EU sagt syrischer Übergangsregierung weitere Unterstützung zu
Während in Aleppo kurdische Stadtteile von Regierungstruppen belagert und bombardiert werden, sagt EU-Kommissionspräsidentin Ursula von der Leyen der syrischen Übergangsregierung weitere politische und finanzielle Unterstützung zu.
Die Europäische Union hat der syrischen Übergangsregierung weitere politische und finanzielle Unterstützung zugesagt – trotz anhaltender Angriffe auf die kurdische Zivilbevölkerung in Aleppo.

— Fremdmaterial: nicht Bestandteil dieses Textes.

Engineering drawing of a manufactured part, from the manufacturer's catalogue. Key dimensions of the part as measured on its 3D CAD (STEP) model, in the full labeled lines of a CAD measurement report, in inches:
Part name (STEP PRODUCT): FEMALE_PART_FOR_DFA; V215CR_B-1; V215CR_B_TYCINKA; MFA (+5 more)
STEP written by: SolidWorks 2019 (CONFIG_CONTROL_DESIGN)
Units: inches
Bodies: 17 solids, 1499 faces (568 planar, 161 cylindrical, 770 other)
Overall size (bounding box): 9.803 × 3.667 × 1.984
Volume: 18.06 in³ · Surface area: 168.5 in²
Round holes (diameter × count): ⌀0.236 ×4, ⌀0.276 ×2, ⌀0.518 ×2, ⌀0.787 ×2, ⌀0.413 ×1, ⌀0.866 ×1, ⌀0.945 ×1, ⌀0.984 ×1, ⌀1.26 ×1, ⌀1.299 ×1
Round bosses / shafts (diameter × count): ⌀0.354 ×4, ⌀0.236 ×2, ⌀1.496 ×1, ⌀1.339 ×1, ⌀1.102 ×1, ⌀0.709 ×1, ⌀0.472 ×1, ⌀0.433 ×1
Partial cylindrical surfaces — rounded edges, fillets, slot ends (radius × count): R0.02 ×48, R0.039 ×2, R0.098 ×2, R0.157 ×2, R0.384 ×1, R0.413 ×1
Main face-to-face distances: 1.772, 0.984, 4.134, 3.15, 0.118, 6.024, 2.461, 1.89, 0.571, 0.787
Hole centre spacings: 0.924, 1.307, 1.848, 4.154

Beim ersten offiziellen Besuch in Damaskus traf EU-Kommissionspräsidentin Ursula von der Leyen am Freitag den selbsternannten Übergangspräsidenten Ahmed al-Scharaa und stellte eine enge Zusammenarbeit beim Wiederaufbau des Landes in Aussicht.

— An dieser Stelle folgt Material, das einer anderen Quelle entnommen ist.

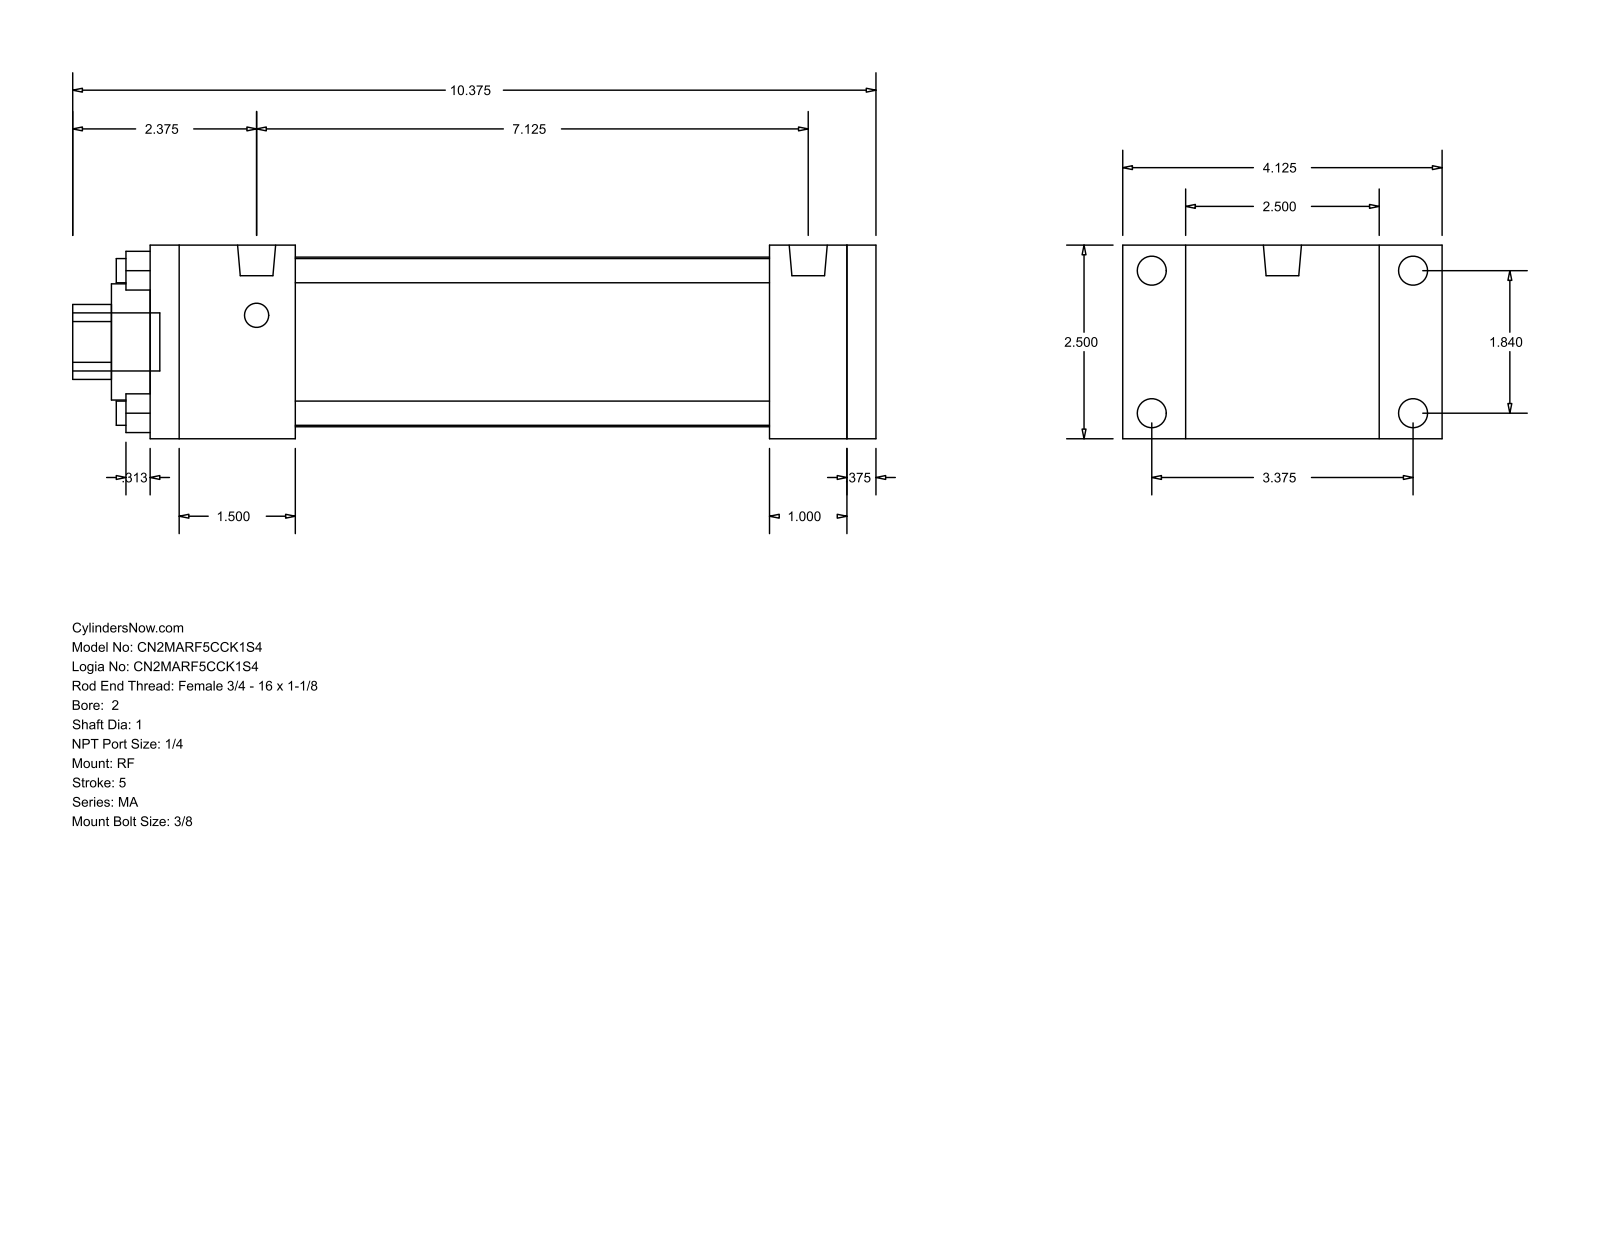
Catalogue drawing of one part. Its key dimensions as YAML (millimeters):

Die EU werde „alles in ihrer Macht stehende tun“, um Syrien beim Wiederaufbau zu helfen“, erklärte von der Leyen nach dem Termin auf der Plattform X. EU-Ratspräsident António Costa lobte das neue Regime in Damaskus sogar für „Fortschritte“ im Übergangsprozess und sprach von einem möglichen „Neuanfang“ in den Beziehungen.
Ignorierte Realität in Aleppo
Unbeantwortet blieben dabei die schweren Menschenrechtsverletzungen durch syrische Regierungstruppen und pro-türkische Milizen unter dem Kommando des Damaszener Verteidigungsministeriums in Aleppo. Seit Tagen belagern und bombardieren Einheiten der Übergangsregierung die überwiegend kurdischen Stadtteile Şêxmeqsûd, Eşrefiyê und Beni Zeyd im Norden der Stadt. Laut der nordostsyrischen Selbstverwaltung und ihren Institutionen wurden dabei zahlreiche Zivilist:innen getötet oder verletzt. Von systematischen Angriffen, Entführungen und dem Einsatz junger Kurd:innen als menschliche Schutzschilde ist die Rede.
Eine gemeinsame Erklärung von rund 90 kurdischen Parteien und zivilgesellschaftlichen Organisationen bezeichnet das Vorgehen als „organisierten Besatzungsangriff“ und wirft der islamistischen Regierung vor, durch Gewalt politischen Druck auf die Selbstverwaltung auszuüben. Die Angriffe begannen unmittelbar nach den jüngsten Gesprächen über eine mögliche Einbindung der Demokratischen Kräfte Syriens (QSD) in staatliche Strukturen. Die QSD hatten Kompromissbereitschaft signalisiert, nun sehen Beobachter:innen den Dialog durch die Angriffe de facto beendet.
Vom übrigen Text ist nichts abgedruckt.